(Dataset entries)
%%
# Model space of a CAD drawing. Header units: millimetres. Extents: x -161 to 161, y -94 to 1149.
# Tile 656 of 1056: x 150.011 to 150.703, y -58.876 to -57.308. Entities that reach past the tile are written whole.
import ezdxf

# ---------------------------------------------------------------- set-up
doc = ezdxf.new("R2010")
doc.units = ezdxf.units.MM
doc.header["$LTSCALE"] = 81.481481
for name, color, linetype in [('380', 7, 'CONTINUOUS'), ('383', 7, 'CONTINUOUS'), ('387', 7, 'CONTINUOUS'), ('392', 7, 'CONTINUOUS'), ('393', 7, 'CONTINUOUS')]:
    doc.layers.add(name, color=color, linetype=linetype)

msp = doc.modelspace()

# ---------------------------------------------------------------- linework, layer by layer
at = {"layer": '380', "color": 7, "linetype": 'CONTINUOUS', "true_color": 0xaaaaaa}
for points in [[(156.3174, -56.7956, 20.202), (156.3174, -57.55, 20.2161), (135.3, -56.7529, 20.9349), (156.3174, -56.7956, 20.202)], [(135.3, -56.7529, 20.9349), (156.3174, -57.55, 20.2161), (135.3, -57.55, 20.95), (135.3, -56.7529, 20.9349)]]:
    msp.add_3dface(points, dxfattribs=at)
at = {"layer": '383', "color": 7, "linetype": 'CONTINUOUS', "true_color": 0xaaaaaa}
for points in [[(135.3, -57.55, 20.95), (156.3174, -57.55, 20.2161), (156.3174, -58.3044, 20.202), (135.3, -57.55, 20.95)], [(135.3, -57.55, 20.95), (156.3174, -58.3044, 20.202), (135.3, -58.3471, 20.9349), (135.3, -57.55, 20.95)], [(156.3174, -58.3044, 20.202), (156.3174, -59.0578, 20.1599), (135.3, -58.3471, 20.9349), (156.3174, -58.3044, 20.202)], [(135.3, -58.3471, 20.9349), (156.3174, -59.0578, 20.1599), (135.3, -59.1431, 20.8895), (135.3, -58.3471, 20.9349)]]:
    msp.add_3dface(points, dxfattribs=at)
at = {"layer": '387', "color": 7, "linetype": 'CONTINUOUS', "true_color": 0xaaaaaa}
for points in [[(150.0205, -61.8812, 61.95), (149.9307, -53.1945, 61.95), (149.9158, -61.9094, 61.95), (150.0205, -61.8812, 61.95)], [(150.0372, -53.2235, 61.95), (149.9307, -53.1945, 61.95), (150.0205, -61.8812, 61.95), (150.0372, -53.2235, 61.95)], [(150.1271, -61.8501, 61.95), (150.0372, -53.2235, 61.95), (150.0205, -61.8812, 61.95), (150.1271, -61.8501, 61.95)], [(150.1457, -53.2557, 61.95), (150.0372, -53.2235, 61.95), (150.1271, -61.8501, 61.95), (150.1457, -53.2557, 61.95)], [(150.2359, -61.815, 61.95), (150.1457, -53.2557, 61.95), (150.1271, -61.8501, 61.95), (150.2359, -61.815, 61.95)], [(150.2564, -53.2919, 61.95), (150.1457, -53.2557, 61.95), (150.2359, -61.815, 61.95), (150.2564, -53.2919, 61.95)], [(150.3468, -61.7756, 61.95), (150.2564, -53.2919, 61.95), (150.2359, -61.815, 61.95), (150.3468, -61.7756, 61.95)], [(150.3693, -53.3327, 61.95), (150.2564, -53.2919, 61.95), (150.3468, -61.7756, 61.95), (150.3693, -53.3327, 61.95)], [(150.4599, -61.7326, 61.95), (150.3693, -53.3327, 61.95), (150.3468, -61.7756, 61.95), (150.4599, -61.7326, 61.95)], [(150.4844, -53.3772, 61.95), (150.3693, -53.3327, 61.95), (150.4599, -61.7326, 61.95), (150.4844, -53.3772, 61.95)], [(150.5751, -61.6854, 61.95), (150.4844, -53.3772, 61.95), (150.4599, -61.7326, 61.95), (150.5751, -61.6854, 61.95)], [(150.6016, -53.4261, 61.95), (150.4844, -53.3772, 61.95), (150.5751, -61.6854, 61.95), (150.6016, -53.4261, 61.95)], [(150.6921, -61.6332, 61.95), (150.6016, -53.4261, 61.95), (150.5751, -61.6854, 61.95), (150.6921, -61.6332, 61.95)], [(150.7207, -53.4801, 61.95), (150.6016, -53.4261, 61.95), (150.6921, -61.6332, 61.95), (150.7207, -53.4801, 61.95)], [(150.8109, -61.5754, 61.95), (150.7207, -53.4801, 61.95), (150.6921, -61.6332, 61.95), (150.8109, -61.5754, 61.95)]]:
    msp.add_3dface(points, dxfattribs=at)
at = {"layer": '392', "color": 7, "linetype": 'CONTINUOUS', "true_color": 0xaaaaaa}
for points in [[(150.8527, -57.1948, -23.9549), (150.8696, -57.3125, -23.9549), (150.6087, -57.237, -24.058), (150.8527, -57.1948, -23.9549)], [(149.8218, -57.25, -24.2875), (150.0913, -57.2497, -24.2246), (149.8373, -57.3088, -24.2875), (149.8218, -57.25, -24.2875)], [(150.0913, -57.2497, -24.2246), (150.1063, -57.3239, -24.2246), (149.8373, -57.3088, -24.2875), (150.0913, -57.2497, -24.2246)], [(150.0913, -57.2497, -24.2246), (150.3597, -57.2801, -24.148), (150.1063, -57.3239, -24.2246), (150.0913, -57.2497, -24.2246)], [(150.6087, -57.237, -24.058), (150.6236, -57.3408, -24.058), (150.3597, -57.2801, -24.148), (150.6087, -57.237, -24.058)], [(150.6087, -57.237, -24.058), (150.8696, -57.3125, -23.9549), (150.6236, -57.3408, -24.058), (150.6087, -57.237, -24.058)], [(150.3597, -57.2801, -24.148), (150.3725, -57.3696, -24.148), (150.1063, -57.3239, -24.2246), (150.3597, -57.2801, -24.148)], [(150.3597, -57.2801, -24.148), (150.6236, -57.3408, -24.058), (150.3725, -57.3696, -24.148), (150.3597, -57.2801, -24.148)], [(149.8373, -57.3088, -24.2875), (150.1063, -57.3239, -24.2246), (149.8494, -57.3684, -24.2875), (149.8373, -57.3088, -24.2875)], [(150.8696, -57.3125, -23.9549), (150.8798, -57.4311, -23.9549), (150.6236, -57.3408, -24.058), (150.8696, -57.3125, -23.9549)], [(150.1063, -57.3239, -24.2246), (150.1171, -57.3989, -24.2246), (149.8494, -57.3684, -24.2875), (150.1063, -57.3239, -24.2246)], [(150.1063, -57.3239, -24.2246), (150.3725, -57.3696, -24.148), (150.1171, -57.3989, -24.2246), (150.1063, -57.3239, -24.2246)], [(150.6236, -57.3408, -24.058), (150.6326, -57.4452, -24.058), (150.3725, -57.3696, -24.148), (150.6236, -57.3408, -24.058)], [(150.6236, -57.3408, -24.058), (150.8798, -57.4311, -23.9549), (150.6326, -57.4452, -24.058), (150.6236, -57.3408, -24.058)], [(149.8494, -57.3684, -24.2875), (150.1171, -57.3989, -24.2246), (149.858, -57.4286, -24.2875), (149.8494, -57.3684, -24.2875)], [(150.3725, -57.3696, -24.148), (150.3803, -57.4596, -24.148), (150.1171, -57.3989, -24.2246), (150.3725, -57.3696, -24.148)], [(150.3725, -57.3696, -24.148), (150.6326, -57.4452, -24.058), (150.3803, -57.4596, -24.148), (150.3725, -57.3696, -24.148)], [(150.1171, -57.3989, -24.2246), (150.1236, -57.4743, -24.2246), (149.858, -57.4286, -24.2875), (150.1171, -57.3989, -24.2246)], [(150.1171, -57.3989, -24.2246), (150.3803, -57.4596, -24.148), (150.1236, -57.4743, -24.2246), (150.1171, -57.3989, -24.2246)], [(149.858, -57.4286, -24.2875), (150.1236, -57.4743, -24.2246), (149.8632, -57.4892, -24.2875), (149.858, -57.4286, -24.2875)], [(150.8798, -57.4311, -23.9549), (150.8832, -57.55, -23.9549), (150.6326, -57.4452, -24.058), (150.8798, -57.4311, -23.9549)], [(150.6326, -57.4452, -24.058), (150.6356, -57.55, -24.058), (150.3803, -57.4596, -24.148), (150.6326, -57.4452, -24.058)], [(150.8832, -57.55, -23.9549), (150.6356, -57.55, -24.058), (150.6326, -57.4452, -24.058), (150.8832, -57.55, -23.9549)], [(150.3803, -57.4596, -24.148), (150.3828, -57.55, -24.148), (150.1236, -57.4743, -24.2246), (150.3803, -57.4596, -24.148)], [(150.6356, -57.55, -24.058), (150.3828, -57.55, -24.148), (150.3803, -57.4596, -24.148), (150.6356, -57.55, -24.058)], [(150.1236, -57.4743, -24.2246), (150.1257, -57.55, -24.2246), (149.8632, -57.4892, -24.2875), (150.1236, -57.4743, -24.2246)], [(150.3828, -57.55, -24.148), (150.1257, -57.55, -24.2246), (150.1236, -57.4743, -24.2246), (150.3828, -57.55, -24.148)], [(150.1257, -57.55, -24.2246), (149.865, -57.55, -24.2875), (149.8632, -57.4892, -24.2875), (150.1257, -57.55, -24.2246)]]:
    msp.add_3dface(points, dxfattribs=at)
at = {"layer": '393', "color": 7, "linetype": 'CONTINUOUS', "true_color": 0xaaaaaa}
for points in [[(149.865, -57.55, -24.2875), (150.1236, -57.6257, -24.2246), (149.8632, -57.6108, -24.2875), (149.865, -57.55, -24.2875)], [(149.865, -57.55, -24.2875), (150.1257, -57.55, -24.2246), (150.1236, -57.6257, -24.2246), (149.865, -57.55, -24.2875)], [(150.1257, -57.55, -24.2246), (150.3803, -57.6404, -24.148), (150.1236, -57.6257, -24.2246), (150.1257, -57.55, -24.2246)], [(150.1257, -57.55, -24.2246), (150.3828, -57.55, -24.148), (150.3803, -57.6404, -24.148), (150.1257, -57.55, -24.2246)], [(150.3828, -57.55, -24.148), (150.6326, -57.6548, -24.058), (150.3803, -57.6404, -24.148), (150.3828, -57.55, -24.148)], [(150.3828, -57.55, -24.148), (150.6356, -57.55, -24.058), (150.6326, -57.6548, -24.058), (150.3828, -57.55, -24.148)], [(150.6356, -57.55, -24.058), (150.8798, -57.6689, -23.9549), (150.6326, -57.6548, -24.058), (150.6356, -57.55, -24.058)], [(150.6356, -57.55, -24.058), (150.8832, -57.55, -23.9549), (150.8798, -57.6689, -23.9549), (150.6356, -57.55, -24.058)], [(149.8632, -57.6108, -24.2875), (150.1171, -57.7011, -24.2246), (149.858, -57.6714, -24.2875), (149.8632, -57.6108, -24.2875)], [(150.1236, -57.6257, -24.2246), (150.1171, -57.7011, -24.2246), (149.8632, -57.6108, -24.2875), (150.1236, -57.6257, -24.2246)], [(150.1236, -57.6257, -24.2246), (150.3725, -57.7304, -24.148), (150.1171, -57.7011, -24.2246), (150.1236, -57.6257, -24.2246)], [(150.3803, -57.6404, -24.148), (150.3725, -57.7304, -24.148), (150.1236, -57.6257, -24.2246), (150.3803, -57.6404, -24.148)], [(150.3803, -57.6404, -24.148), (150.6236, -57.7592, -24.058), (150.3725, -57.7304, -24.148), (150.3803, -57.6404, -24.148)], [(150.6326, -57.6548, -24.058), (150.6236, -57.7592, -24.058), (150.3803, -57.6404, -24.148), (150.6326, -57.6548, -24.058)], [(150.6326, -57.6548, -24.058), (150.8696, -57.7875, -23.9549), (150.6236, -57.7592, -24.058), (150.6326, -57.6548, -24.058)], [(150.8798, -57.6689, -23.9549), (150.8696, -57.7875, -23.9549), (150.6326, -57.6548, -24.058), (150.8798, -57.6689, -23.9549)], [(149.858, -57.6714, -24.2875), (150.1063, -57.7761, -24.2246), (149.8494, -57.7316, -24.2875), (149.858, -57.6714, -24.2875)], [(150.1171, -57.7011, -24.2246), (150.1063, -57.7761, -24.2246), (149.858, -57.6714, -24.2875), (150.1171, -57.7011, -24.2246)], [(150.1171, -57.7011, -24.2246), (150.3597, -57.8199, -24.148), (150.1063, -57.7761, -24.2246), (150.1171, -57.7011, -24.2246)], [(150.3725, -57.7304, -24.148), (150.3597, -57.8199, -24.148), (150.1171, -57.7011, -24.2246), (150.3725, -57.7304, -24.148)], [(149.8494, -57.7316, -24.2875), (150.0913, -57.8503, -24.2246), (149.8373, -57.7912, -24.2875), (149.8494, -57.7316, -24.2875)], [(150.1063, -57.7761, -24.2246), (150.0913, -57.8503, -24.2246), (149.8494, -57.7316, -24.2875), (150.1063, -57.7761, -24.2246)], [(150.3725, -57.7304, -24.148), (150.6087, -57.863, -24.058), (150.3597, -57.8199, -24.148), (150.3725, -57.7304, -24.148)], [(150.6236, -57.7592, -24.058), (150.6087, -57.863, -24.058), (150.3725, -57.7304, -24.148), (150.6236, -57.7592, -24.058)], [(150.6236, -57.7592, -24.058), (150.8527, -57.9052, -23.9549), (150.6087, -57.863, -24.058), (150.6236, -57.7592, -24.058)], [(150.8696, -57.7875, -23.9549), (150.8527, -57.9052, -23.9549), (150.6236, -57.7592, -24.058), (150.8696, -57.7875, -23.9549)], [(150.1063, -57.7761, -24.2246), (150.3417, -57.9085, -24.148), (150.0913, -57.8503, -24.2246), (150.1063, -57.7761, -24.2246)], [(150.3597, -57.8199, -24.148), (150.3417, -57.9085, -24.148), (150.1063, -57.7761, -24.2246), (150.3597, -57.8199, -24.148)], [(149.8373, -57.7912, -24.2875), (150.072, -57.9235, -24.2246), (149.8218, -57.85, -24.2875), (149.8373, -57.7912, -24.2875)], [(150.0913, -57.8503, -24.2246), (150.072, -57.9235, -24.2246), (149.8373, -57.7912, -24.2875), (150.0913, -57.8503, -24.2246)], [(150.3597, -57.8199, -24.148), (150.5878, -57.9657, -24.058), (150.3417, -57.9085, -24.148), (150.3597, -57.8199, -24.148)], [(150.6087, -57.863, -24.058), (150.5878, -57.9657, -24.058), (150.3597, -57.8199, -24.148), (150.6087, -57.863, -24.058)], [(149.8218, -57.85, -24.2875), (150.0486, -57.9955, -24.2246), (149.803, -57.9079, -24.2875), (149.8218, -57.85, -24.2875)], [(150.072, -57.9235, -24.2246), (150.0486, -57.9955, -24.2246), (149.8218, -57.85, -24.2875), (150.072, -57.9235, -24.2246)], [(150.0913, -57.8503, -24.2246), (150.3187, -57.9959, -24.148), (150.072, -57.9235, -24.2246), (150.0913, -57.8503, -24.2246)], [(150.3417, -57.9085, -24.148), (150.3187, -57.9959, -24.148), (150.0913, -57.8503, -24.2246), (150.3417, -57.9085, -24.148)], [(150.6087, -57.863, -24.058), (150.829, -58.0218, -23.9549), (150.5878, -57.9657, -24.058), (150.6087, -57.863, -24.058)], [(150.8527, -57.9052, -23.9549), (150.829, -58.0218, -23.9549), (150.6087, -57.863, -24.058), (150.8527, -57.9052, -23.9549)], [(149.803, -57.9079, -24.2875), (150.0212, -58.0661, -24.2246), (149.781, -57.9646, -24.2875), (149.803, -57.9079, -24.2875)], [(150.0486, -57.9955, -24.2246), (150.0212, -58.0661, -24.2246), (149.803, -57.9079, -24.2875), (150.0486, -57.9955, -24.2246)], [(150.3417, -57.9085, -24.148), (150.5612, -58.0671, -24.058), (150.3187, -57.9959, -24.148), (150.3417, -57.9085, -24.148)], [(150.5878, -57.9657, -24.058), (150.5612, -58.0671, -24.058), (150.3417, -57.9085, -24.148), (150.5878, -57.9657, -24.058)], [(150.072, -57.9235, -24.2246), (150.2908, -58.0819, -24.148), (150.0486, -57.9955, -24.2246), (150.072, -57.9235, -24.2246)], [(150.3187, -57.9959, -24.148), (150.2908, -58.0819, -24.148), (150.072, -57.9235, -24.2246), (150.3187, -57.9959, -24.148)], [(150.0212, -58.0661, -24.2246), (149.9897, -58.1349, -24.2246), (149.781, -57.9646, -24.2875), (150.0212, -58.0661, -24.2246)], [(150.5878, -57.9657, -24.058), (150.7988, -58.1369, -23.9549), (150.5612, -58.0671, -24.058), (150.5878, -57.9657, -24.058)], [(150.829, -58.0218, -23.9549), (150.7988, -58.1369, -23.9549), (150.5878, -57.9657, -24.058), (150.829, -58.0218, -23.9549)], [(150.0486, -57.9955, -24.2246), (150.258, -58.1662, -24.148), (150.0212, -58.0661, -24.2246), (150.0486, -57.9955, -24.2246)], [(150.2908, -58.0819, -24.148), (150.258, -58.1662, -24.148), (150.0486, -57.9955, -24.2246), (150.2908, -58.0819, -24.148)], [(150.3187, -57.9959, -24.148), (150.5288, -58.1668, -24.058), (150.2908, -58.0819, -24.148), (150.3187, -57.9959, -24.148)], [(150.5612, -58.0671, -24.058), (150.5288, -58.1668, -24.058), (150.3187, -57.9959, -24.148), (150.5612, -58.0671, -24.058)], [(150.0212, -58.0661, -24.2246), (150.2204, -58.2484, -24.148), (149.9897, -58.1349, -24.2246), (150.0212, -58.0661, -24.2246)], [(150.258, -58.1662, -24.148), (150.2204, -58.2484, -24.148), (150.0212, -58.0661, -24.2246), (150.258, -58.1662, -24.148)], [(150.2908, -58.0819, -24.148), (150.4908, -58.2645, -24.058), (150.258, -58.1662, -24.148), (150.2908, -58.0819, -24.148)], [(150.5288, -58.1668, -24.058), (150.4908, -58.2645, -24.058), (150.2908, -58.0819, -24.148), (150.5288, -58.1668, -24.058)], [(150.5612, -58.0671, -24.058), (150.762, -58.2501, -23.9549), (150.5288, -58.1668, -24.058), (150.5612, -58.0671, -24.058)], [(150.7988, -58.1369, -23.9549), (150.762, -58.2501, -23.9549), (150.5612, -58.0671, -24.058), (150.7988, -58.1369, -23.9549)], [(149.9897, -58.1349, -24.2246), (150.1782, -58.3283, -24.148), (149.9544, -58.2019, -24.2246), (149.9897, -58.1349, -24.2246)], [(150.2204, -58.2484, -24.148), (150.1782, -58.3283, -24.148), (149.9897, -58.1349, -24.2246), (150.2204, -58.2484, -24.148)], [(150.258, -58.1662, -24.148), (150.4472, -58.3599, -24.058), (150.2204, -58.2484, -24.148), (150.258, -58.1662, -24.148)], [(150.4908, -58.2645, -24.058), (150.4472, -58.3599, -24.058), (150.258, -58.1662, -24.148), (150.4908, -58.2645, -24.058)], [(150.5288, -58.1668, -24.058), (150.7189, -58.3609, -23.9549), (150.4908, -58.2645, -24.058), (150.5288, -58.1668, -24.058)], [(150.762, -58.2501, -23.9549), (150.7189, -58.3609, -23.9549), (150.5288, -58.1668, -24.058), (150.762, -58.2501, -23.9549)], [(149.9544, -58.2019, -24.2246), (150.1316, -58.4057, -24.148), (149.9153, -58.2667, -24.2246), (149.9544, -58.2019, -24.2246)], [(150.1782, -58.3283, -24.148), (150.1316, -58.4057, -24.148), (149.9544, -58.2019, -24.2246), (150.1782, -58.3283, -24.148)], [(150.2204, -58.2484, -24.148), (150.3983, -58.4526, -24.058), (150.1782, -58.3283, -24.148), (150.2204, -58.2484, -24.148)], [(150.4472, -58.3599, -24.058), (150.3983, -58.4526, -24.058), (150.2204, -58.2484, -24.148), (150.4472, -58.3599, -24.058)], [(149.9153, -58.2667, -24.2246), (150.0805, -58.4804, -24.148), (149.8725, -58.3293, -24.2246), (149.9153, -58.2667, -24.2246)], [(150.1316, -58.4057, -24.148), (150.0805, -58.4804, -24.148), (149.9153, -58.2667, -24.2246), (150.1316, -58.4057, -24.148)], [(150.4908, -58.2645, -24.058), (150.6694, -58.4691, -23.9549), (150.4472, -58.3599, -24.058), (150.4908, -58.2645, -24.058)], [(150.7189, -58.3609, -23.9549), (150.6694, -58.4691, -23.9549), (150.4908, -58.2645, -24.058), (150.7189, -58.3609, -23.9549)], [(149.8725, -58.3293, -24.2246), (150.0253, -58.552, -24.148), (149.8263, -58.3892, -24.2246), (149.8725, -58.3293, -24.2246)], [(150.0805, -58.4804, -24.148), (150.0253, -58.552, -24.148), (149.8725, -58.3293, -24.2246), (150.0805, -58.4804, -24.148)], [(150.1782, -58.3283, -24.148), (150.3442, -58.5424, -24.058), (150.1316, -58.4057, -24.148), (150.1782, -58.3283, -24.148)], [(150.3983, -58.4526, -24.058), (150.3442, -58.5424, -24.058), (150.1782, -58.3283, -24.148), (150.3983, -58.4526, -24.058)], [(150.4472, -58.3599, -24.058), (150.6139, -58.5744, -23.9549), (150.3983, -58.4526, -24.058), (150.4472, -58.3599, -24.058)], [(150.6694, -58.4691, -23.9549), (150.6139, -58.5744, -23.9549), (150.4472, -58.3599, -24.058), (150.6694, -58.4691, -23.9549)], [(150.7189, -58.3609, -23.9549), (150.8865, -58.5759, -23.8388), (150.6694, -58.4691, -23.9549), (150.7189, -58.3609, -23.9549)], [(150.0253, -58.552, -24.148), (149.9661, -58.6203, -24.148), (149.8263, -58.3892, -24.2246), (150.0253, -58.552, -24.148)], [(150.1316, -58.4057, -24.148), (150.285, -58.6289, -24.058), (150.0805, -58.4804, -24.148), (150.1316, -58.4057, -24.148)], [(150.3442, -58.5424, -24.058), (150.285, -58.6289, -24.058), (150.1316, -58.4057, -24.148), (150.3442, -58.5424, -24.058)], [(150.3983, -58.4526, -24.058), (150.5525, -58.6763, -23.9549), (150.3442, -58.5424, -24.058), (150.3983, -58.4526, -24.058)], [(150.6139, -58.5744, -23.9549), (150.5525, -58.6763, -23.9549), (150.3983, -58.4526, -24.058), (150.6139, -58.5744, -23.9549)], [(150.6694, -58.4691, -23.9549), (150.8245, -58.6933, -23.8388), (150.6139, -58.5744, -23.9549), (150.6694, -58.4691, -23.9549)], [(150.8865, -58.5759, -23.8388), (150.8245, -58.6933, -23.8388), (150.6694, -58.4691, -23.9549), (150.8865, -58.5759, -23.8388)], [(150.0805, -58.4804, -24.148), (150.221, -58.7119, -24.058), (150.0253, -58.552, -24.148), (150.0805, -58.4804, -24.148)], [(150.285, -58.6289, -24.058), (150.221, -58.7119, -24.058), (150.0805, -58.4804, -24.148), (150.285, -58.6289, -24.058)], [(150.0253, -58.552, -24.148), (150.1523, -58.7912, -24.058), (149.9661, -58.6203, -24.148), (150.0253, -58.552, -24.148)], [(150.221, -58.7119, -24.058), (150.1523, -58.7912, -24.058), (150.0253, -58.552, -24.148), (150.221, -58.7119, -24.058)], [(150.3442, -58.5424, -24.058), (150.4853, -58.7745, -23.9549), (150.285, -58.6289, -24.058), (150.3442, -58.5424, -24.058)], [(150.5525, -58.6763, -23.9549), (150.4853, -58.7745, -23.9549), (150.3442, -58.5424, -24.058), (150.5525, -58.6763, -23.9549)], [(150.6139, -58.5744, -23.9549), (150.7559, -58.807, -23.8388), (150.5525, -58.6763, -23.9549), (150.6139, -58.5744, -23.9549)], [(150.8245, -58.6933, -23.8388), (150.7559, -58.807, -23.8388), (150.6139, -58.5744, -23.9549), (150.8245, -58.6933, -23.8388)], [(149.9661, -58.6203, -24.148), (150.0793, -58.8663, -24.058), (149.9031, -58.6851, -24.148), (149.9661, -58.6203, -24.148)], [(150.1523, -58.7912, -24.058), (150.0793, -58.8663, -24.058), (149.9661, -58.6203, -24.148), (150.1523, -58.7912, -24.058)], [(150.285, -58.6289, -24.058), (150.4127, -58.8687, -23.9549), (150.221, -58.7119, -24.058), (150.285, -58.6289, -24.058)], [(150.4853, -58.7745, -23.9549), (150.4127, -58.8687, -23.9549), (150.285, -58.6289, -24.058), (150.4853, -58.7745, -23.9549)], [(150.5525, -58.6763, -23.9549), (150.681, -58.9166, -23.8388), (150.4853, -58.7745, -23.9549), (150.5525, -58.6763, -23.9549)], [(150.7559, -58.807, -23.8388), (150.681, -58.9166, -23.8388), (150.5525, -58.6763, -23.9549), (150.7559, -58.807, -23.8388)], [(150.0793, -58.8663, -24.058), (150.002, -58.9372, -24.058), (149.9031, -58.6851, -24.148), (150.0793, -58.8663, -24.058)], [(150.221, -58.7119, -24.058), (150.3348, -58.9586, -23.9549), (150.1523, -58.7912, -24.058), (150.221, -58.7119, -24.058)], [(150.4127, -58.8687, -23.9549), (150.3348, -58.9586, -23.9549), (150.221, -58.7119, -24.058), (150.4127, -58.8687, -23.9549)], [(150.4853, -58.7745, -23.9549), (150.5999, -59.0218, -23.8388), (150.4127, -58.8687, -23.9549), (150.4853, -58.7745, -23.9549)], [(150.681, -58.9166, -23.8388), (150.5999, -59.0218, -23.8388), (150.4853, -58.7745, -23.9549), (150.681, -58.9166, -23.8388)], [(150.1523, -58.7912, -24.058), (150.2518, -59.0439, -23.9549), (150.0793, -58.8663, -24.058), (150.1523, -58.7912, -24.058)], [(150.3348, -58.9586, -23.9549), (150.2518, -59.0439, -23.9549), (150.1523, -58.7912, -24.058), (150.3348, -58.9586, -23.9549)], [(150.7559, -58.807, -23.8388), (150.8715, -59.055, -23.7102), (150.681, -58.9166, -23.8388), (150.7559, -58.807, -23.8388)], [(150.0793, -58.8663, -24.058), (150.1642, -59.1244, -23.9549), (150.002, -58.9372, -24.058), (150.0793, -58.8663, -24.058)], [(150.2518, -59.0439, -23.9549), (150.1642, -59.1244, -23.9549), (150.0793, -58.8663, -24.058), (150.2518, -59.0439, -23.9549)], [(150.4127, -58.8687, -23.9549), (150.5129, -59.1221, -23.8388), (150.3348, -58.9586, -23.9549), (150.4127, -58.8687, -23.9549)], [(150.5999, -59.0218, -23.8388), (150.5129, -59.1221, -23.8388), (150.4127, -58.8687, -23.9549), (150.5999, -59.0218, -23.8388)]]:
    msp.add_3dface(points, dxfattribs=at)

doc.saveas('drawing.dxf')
%%
» REQUIRED ACTION:
Return each line of the data above that includes the word "units".

» SOLUTION TO THIS TASK:
# Model space of a CAD drawing. Header units: millimetres. Extents: x -161 to 161, y -94 to 1149.
doc.units = ezdxf.units.MM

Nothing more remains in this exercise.